Summary: The aim of this paper is to study the distribution and the asymptotic behavior of the exponential functional \(A_t:= \int^t_0 e^{\xi_s} ds\), where \((\xi_s, s\geq 0)\) denotes a Lévy process. When \(A_\infty <\infty\), we show that in most cases, the law of \(A_\infty\) is a solution of an integro-differential equation; moreover, this law is characterized by its integral moments.

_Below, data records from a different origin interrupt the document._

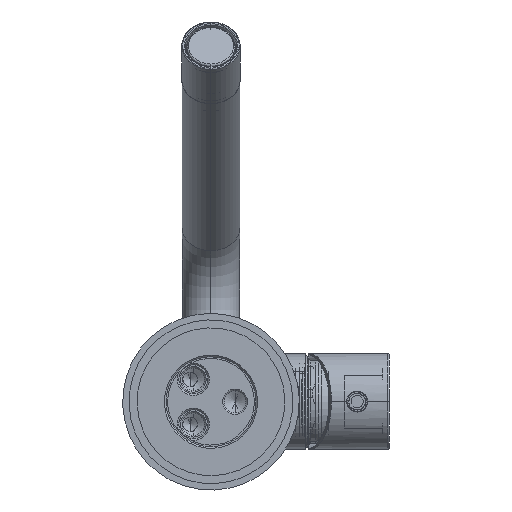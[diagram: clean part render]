
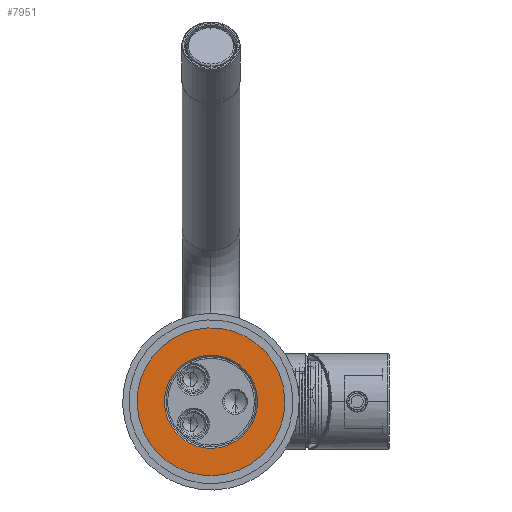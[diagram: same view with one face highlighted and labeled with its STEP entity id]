
A CAD part, front view. The second image highlights one B-rep face of the part: STEP entity #7951.
In plain terms, the highlighted planar face has unit normal (0, -1, 0).
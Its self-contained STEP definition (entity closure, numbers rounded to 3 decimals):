
#488 = CIRCLE ( 'NONE', #17513, 14.5 ) ;
#615 = CARTESIAN_POINT ( 'NONE',  ( 0., 0., 23. ) ) ;
#2564 = DIRECTION ( 'NONE',  ( 0., 1., 0. ) ) ;
#2864 = VERTEX_POINT ( 'NONE', #16785 ) ;
#4935 = EDGE_LOOP ( 'NONE', ( #39350, #25251 ) ) ;
#5702 = DIRECTION ( 'NONE',  ( 0., 0., -1. ) ) ;
#5773 = FACE_BOUND ( 'NONE', #9255, .T. ) ;
#5985 = PLANE ( 'NONE',  #6650 ) ;
#6044 = EDGE_CURVE ( 'NONE', #27974, #10195, #25341, .T. ) ;
#6650 = AXIS2_PLACEMENT_3D ( 'NONE', #25209, #2564, #37826 ) ;
#7281 = AXIS2_PLACEMENT_3D ( 'NONE', #15224, #9223, #38509 ) ;
#7502 = EDGE_CURVE ( 'NONE', #10195, #27974, #18868, .T. ) ;
#7951 = ADVANCED_FACE ( 'NONE', ( #5773, #34845 ), #5985, .F. ) ;
#9223 = DIRECTION ( 'NONE',  ( 0., -1., 0. ) ) ;
#9255 = EDGE_LOOP ( 'NONE', ( #15219, #22258 ) ) ;
#9506 = CARTESIAN_POINT ( 'NONE',  ( 0., 0., 0. ) ) ;
#10195 = VERTEX_POINT ( 'NONE', #17965 ) ;
#12785 = CARTESIAN_POINT ( 'NONE',  ( 0., 0., -14.5 ) ) ;
#15123 = AXIS2_PLACEMENT_3D ( 'NONE', #21932, #18294, #5702 ) ;
#15219 = ORIENTED_EDGE ( 'NONE', *, *, #25770, .T. ) ;
#15224 = CARTESIAN_POINT ( 'NONE',  ( 0., 0., 0. ) ) ;
#16785 = CARTESIAN_POINT ( 'NONE',  ( 0., 0., 14.5 ) ) ;
#17411 = CARTESIAN_POINT ( 'NONE',  ( 0., 0., 0. ) ) ;
#17513 = AXIS2_PLACEMENT_3D ( 'NONE', #17411, #36867, #20000 ) ;
#17965 = CARTESIAN_POINT ( 'NONE',  ( 0., 0., -23. ) ) ;
#18294 = DIRECTION ( 'NONE',  ( 0., -1., 0. ) ) ;
#18868 = CIRCLE ( 'NONE', #7281, 23. ) ;
#20000 = DIRECTION ( 'NONE',  ( 0., 0., 1. ) ) ;
#20185 = DIRECTION ( 'NONE',  ( 0., 0., 1. ) ) ;
#21025 = EDGE_CURVE ( 'NONE', #2864, #31616, #35787, .T. ) ;
#21932 = CARTESIAN_POINT ( 'NONE',  ( 0., 0., 0. ) ) ;
#22258 = ORIENTED_EDGE ( 'NONE', *, *, #21025, .T. ) ;
#25209 = CARTESIAN_POINT ( 'NONE',  ( -14., 0., 0. ) ) ;
#25251 = ORIENTED_EDGE ( 'NONE', *, *, #6044, .T. ) ;
#25341 = CIRCLE ( 'NONE', #15123, 23. ) ;
#25770 = EDGE_CURVE ( 'NONE', #31616, #2864, #488, .T. ) ;
#27974 = VERTEX_POINT ( 'NONE', #615 ) ;
#31616 = VERTEX_POINT ( 'NONE', #12785 ) ;
#33034 = DIRECTION ( 'NONE',  ( 0., 1., 0. ) ) ;
#34845 = FACE_OUTER_BOUND ( 'NONE', #4935, .T. ) ;
#35787 = CIRCLE ( 'NONE', #38524, 14.5 ) ;
#36867 = DIRECTION ( 'NONE',  ( 0., 1., 0. ) ) ;
#37826 = DIRECTION ( 'NONE',  ( 0., 0., 1. ) ) ;
#38509 = DIRECTION ( 'NONE',  ( 0., 0., -1. ) ) ;
#38524 = AXIS2_PLACEMENT_3D ( 'NONE', #9506, #33034, #20185 ) ;
#39350 = ORIENTED_EDGE ( 'NONE', *, *, #7502, .T. ) ;

When the process \(\xi\) is asymptotically \(\alpha\)-stable, we prove that \(t^{-1/ \alpha} \log A_t\) converges in law, as \(t\to \infty\), to the supremum of an \(\alpha\)-stable Lévy process; in particular, if \(\mathbb{E} [\xi_1]>0\), then \(\alpha=1\) and \((1/t) \log A_t\) converges almost surely to \(\mathbb{E} [\xi_1]\). Eventually, we use Girsanov’s transform to give the explicit behavior of \(\mathbb{E} [(a+A_t (\xi))^{-1}]\) as \(t\to \infty\), where \(a\) is a constant, and deduce from this the rate of decay of the tail of the distribution of the maximum of a diffusion process in a random Lévy environment.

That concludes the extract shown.